Try mounting 'sync' vs 'async'. Do you see a difference? For me, async is great, sync = ~50k writes. Ick.
The mount options rsize=8192,wsize=8192,async do give reasonable write speeds with the 2.4.18-5 nfs client. (I put localoptions='rsize=8192,wsize=8192,async' in /etc/init.d/autofs). Thanks!
Solaris 7 NFS server and stock Red Hat GNU/Linux 7.3 NFS mount: Copying files 200KB or larger on the NFS mount causes the copy process to slow to a virual stop. The kernel is 2.4.18-3. Adding nfsvers=2 to /etc/fstab fixed the problem, as suggested by dlr in the initial post. Unless you want to use NFS version 3, nothing more needs to be done to fix this problem.
Some of us _do_ need NFSv3 to work, because we need to use files >2GB. I have tried a succession of kernels and options in a quest for decent performance and still haven't arrived at a satisfactory solution. Stability is also critical; I'd rather them be a little slow than panic every so often. Has anyone tried a 2.4.19 kernel? Any relevant fixes in there? How about downgrading to 2.4.7 or so (7.2's release)?
This problem still exists in RHL 7.3 with kernel 2.4.18-10. The NFS server is RHL 7.3 with kernel 2.4.18-10 and the clients are also RHL 7.3 with kernel 2.4.18-10. When trying to write to the NFS mounted directory it hangs. But it works fine with RHL 7.2 clients. I have tried the following setting on the client side: -fstype=nfs,hard,intr,nodev,nosuid,quota,rsize=8192,wsize=8192 servername:/home/& -fstype=nfs,hard,intr,nodev,nosuid,quota,nfsvers=2,rsize=8192,wsize=8192 servername:/home/& but it did not solve the problem. Any advise on how to resolve this? Thanks, Venkat
I also am seeing this problem.
Sorry I hit the button too fast on my last comment. I wanted to say that I've been working with Venkat (venkat) and just wanted to attach my email address to this bug so I could track progress that way.

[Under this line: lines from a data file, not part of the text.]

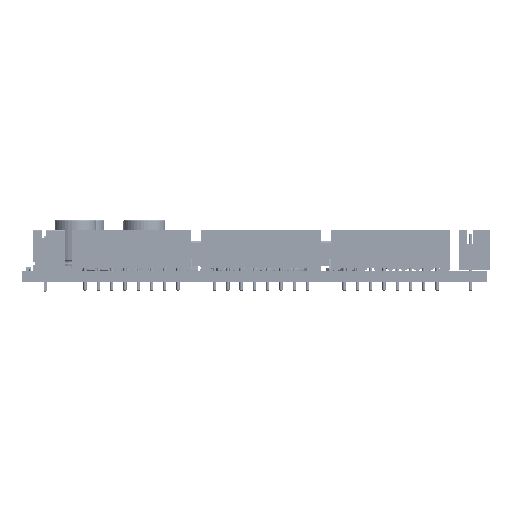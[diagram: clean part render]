
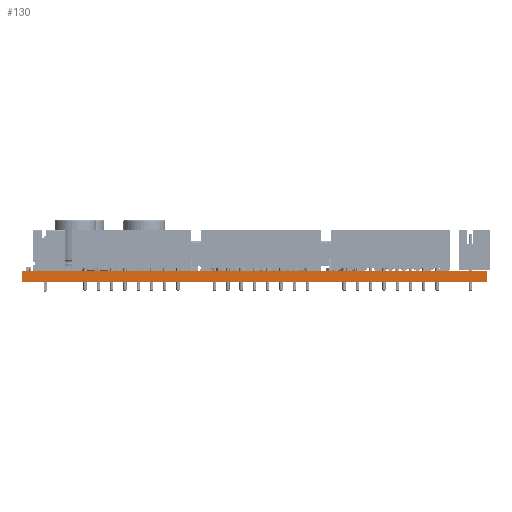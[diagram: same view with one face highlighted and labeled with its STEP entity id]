
A CAD part, left-side view. The second image highlights one B-rep face of the part: STEP entity #130.
In plain terms, the highlighted planar face has unit normal (-1, 0, 0).
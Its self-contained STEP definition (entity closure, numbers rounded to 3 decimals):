
#105 = VERTEX_POINT('',#106);
#106 = CARTESIAN_POINT('',(0.013,0.013,    1.6));
#112 = EDGE_CURVE('',#113,#105,#115,.T.);
#113 = VERTEX_POINT('',#114);
#114 = CARTESIAN_POINT('',(0.013,0.013,0.));
#115 = LINE('',#116,#117);
#116 = CARTESIAN_POINT('',(0.013,0.013,0.));
#117 = VECTOR('',#118,1.);
#118 = DIRECTION('',(0.,0.,1.));
#130 = ADVANCED_FACE('',(#131),#156,.T.);
#131 = FACE_BOUND('',#132,.T.);
#132 = EDGE_LOOP('',(#133,#134,#142,#150));
#133 = ORIENTED_EDGE('',*,*,#112,.T.);
#134 = ORIENTED_EDGE('',*,*,#135,.T.);
#135 = EDGE_CURVE('',#105,#136,#138,.T.);
#136 = VERTEX_POINT('',#137);
#137 = CARTESIAN_POINT('',(0.013,69.987,    1.6));
#138 = LINE('',#139,#140);
#139 = CARTESIAN_POINT('',(0.013,0.013,    1.6));
#140 = VECTOR('',#141,1.);
#141 = DIRECTION('',(0.,1.,0.));
#142 = ORIENTED_EDGE('',*,*,#143,.F.);
#143 = EDGE_CURVE('',#144,#136,#146,.T.);
#144 = VERTEX_POINT('',#145);
#145 = CARTESIAN_POINT('',(0.013,69.987,0.));
#146 = LINE('',#147,#148);
#147 = CARTESIAN_POINT('',(0.013,69.987,0.));
#148 = VECTOR('',#149,1.);
#149 = DIRECTION('',(0.,0.,1.));
#150 = ORIENTED_EDGE('',*,*,#151,.F.);
#151 = EDGE_CURVE('',#113,#144,#152,.T.);
#152 = LINE('',#153,#154);
#153 = CARTESIAN_POINT('',(0.013,0.013,0.));
#154 = VECTOR('',#155,1.);
#155 = DIRECTION('',(0.,1.,0.));
#156 = PLANE('',#157);
#157 = AXIS2_PLACEMENT_3D('',#158,#159,#160);
#158 = CARTESIAN_POINT('',(0.013,0.013,0.));
#159 = DIRECTION('',(-1.,0.,0.));
#160 = DIRECTION('',(0.,1.,0.));

I updated to a stock 2.4.{18|19} kernel and things are fine now. The problems I was seeing from mozilla were a combo of both nfs problems and a mozilla bug.
I traced down my nfs writes being 10 times slower on my RH 7.3 machines compared to my RH 7.1 machines to using the option 'timeo=300'. I use this along with 'soft' even though I know all the docs say don't do 'soft'. As soon as I removed the 'timeo=300' (but not 'soft') my performance was normal again. I don't understand how timeo should be making a difference since according to the man page it is only for when the server is not responding.